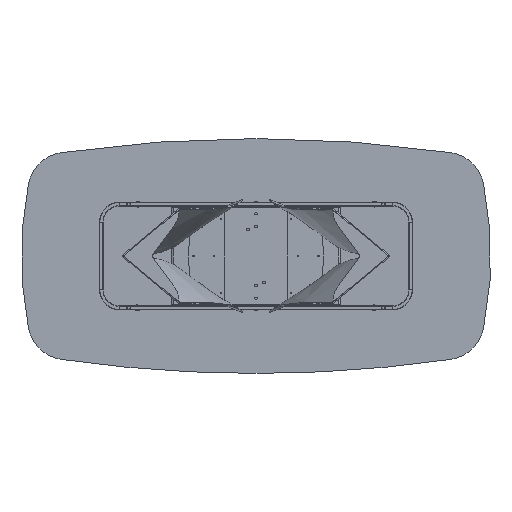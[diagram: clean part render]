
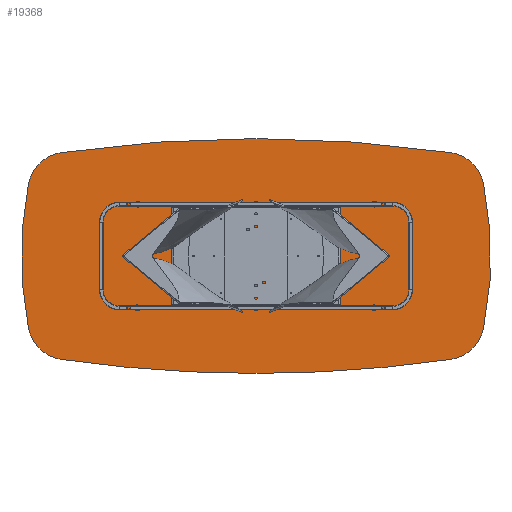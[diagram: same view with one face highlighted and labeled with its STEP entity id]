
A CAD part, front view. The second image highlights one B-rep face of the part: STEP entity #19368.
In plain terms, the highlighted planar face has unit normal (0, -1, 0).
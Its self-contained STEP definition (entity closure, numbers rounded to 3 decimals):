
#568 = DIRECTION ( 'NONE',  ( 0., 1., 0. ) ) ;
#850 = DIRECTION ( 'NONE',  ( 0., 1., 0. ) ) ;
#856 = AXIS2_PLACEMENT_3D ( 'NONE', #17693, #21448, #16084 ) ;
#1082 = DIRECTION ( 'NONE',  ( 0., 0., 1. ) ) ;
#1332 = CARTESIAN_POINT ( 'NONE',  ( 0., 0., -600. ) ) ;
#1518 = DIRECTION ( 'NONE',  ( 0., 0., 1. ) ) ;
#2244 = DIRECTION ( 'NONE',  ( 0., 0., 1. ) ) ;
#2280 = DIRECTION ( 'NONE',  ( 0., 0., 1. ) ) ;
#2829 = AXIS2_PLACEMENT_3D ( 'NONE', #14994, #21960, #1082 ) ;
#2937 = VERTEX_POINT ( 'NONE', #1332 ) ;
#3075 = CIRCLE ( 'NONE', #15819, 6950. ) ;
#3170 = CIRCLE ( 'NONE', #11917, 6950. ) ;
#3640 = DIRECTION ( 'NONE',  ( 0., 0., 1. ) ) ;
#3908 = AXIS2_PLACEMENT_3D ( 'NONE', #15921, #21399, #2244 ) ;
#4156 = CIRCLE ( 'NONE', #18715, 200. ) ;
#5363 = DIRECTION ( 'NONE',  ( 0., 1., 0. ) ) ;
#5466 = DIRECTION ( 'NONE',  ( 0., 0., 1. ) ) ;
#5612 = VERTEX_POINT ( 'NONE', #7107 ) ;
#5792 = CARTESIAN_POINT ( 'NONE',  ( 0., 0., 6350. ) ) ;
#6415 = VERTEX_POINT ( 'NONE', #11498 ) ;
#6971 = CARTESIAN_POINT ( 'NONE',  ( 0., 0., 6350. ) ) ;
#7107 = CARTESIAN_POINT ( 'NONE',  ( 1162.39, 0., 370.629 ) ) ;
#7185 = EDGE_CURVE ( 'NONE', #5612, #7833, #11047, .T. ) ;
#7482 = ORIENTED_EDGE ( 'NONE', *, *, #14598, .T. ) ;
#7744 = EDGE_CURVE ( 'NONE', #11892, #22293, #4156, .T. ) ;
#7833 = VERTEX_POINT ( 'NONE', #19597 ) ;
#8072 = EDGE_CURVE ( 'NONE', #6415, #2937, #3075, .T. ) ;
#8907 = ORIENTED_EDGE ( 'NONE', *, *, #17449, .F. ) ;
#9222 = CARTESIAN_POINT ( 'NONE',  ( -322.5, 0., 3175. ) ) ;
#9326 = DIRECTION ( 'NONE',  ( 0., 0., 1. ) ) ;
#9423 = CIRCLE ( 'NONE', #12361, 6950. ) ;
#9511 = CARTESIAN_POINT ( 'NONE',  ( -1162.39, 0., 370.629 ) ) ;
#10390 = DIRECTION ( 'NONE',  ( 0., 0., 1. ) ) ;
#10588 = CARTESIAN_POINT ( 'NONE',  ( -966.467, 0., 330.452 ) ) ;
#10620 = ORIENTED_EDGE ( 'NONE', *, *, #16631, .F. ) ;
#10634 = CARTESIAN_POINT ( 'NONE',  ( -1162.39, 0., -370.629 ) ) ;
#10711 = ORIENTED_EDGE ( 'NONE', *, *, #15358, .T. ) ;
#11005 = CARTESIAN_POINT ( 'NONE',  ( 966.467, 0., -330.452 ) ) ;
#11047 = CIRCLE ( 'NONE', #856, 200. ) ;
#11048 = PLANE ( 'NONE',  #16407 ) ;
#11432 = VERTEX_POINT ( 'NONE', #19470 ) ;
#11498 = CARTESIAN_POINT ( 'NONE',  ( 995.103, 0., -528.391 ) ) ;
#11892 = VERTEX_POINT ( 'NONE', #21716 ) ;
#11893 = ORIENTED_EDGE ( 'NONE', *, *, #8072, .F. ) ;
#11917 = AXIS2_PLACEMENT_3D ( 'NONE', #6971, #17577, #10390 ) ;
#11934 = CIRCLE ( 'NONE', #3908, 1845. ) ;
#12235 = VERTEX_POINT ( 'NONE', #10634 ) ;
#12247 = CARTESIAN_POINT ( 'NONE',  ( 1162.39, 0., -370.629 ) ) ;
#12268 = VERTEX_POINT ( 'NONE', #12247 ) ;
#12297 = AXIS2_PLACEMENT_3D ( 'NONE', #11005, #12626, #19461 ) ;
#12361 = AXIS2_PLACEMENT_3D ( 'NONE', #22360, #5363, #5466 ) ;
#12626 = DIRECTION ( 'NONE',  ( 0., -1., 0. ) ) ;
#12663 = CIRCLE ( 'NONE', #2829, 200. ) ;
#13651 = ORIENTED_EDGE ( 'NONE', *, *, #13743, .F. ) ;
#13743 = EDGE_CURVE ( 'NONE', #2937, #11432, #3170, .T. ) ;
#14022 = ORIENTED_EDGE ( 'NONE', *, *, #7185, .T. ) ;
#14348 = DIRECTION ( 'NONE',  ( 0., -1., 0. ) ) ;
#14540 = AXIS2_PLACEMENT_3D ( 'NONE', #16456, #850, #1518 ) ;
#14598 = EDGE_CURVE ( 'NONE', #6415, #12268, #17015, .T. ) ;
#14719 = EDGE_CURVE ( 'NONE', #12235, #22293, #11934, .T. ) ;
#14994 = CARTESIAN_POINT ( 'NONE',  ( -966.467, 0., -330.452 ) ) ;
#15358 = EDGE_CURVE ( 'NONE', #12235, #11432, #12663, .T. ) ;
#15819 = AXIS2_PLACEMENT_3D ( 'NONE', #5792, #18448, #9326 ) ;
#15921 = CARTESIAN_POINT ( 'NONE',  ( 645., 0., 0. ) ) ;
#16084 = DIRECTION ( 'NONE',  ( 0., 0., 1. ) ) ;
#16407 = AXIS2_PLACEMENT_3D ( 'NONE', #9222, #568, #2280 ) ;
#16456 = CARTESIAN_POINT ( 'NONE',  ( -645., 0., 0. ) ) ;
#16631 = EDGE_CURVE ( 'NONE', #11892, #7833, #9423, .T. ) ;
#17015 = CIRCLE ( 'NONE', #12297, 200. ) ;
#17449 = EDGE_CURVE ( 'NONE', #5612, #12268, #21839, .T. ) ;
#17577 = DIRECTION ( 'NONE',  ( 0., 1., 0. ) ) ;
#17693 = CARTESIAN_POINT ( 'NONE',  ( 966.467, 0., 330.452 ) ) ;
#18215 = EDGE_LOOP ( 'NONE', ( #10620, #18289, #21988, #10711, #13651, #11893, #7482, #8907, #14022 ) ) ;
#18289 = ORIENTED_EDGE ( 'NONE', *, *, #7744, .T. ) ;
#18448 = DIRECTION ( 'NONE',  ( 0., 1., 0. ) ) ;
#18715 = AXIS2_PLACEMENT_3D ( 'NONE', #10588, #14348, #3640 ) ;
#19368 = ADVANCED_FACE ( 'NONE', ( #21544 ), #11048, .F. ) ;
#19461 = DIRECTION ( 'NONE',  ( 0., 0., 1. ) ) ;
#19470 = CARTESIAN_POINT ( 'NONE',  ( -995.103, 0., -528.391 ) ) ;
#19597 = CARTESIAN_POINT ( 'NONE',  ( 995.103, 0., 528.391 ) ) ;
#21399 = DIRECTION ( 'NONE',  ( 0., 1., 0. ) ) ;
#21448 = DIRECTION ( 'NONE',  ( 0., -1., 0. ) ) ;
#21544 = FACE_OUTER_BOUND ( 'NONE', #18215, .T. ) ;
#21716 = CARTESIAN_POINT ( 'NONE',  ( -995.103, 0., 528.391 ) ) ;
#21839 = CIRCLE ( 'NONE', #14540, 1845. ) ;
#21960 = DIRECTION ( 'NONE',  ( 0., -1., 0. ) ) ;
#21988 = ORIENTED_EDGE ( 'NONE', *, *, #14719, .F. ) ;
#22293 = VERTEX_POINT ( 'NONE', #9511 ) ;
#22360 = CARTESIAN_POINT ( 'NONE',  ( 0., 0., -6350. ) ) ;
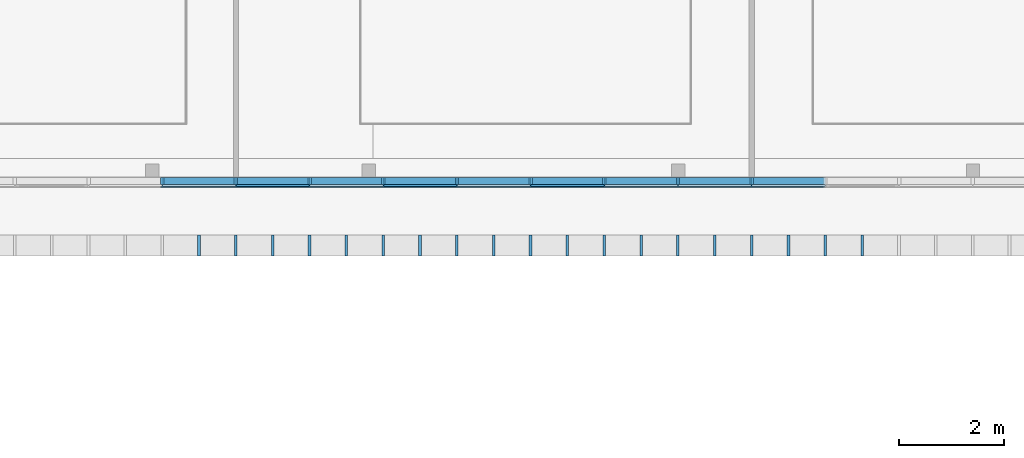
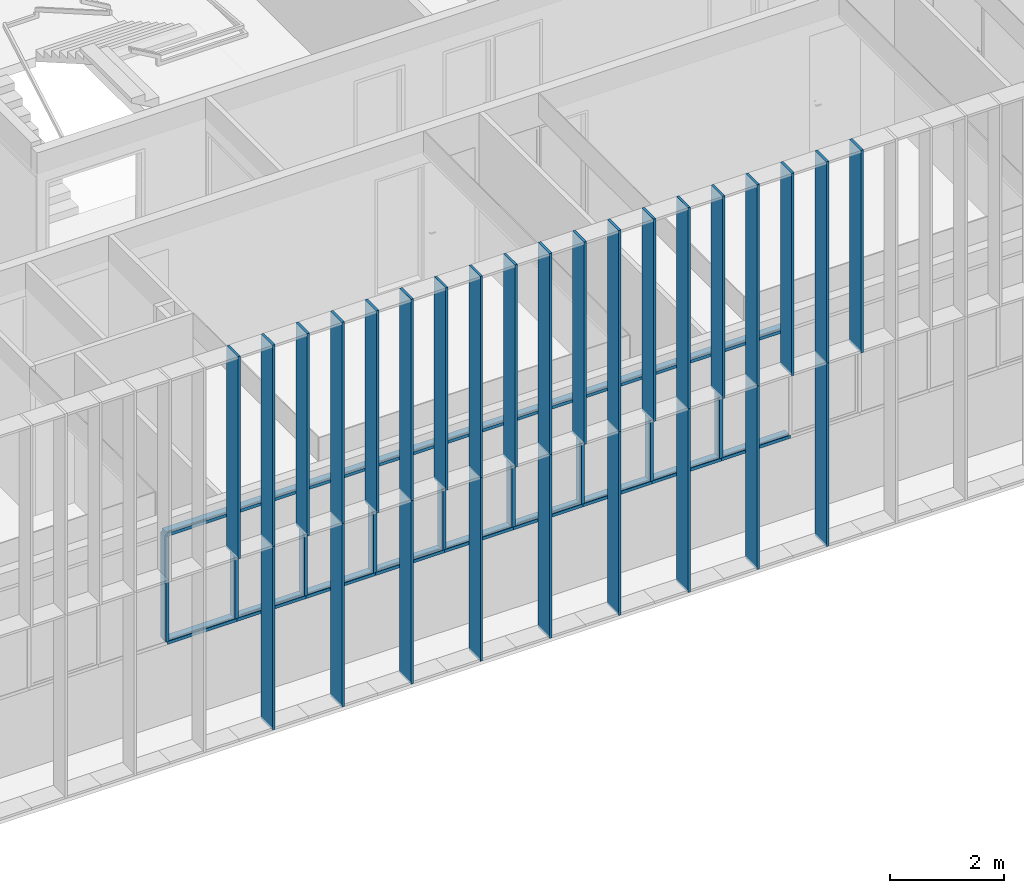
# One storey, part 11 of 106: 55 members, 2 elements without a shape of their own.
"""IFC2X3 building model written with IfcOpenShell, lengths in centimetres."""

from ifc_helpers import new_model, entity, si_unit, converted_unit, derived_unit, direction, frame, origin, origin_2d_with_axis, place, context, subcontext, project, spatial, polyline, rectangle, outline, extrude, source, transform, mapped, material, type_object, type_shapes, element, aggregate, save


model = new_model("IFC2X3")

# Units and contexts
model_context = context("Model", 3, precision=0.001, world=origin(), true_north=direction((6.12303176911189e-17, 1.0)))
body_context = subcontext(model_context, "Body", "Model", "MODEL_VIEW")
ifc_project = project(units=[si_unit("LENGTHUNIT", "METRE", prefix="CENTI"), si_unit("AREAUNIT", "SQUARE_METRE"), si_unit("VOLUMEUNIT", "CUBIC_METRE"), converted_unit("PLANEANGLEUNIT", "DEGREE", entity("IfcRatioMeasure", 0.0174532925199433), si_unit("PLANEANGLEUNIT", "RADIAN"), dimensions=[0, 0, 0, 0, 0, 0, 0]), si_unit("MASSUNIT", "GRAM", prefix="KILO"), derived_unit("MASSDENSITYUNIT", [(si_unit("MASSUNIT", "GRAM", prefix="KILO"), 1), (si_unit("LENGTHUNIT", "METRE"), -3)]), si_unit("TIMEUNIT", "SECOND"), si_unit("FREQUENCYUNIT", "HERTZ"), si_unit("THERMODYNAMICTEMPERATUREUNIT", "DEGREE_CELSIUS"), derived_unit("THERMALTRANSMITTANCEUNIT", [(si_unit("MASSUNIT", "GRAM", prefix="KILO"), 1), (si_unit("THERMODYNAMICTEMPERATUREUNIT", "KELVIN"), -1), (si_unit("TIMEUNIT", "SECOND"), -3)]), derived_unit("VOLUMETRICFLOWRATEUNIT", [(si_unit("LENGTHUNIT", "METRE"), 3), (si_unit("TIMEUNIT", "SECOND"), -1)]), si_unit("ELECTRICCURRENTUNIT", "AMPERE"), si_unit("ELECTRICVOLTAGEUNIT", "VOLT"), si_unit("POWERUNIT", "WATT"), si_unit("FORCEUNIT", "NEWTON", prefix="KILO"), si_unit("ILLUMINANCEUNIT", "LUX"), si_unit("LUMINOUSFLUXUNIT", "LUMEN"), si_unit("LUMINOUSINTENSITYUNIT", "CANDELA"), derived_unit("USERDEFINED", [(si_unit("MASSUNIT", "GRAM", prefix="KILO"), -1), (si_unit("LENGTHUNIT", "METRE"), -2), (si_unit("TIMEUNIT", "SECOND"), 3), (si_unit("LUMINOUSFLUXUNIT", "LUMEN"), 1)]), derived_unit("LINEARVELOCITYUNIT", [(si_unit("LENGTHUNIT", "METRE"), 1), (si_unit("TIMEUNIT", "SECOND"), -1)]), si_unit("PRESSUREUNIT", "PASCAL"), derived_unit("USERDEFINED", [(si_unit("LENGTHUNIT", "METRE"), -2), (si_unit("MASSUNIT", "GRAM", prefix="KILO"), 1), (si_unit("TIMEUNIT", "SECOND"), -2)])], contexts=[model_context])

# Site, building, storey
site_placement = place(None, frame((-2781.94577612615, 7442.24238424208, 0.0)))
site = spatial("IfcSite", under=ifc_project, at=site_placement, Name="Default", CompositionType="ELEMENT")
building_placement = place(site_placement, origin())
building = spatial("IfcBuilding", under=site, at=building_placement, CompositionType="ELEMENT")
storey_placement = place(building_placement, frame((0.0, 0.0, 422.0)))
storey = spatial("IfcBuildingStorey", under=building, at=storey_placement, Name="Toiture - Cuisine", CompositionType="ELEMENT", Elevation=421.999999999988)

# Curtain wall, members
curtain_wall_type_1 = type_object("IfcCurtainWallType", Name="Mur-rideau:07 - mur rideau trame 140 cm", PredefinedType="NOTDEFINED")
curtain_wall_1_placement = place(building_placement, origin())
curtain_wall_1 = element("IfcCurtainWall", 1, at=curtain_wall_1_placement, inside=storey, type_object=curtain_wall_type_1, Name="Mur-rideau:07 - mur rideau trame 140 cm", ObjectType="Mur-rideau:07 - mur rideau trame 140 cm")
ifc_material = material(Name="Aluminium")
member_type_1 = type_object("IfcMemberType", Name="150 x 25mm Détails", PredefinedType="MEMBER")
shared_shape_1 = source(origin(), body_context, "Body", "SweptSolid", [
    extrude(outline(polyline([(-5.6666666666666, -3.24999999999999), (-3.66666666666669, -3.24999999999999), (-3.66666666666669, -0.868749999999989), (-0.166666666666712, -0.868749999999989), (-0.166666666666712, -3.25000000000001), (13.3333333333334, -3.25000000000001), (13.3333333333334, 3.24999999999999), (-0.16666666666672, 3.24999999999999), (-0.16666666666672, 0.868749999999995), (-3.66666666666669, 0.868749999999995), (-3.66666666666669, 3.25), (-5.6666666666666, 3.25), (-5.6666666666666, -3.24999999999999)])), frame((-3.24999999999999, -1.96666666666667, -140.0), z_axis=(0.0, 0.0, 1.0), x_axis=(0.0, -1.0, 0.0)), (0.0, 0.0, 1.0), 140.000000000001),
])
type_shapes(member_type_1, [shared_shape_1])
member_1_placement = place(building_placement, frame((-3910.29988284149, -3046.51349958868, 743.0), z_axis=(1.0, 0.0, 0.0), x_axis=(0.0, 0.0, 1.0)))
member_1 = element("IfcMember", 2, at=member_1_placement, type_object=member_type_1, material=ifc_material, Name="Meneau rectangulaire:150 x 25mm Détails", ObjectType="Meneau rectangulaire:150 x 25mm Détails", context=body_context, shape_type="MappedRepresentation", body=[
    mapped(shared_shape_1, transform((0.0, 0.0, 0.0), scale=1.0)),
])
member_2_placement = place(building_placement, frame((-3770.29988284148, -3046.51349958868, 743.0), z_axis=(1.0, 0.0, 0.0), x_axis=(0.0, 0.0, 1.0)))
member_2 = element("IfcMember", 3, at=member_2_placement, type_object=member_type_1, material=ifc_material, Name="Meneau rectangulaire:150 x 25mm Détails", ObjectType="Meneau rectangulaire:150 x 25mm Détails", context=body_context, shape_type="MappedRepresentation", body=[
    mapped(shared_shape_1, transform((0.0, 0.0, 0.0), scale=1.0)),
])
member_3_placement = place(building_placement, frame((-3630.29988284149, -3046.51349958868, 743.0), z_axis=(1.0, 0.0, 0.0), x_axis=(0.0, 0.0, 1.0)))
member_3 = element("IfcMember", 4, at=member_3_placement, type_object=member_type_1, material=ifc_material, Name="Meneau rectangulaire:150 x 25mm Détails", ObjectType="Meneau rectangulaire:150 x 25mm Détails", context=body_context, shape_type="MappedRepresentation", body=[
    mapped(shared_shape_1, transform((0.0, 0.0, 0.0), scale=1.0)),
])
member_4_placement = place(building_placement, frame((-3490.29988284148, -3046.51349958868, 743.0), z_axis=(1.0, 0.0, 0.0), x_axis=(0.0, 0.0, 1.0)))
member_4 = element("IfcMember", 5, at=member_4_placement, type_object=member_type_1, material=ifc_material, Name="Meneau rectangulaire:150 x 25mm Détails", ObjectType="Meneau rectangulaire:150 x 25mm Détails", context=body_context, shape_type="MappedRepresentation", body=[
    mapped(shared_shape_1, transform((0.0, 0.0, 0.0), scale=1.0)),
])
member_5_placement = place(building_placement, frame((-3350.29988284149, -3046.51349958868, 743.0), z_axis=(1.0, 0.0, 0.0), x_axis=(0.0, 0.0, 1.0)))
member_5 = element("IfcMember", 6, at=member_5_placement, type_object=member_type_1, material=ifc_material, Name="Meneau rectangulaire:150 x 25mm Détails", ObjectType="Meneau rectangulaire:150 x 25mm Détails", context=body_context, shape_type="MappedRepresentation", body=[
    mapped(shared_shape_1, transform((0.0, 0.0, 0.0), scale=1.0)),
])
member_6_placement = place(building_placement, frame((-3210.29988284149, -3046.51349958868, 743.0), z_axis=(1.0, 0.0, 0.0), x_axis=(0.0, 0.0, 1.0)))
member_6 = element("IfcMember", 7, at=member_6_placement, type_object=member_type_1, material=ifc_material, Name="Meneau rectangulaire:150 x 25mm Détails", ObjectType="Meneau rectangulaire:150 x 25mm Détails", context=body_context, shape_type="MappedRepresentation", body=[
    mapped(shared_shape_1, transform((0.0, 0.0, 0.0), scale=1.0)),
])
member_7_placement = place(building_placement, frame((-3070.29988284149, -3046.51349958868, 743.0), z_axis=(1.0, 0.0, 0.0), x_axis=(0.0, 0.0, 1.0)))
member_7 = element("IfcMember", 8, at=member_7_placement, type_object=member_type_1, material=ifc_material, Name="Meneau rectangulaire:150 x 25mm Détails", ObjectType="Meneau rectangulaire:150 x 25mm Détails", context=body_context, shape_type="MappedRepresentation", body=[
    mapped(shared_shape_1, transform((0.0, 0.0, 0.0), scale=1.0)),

------------------------------------------------------------

PROMPT – Repeat, character for character, the lines of the material above from the line with "#21448 = DIRECTION" through the line with "#21839 = CIRCLE ( 'NONE', #14540, 1845. ) ;".

EXERCISE RESULT –
#21448 = DIRECTION ( 'NONE',  ( 0., -1., 0. ) ) ;
#21544 = FACE_OUTER_BOUND ( 'NONE', #18215, .T. ) ;
#21716 = CARTESIAN_POINT ( 'NONE',  ( -995.103, 0., 528.391 ) ) ;
#21839 = CIRCLE ( 'NONE', #14540, 1845. ) ;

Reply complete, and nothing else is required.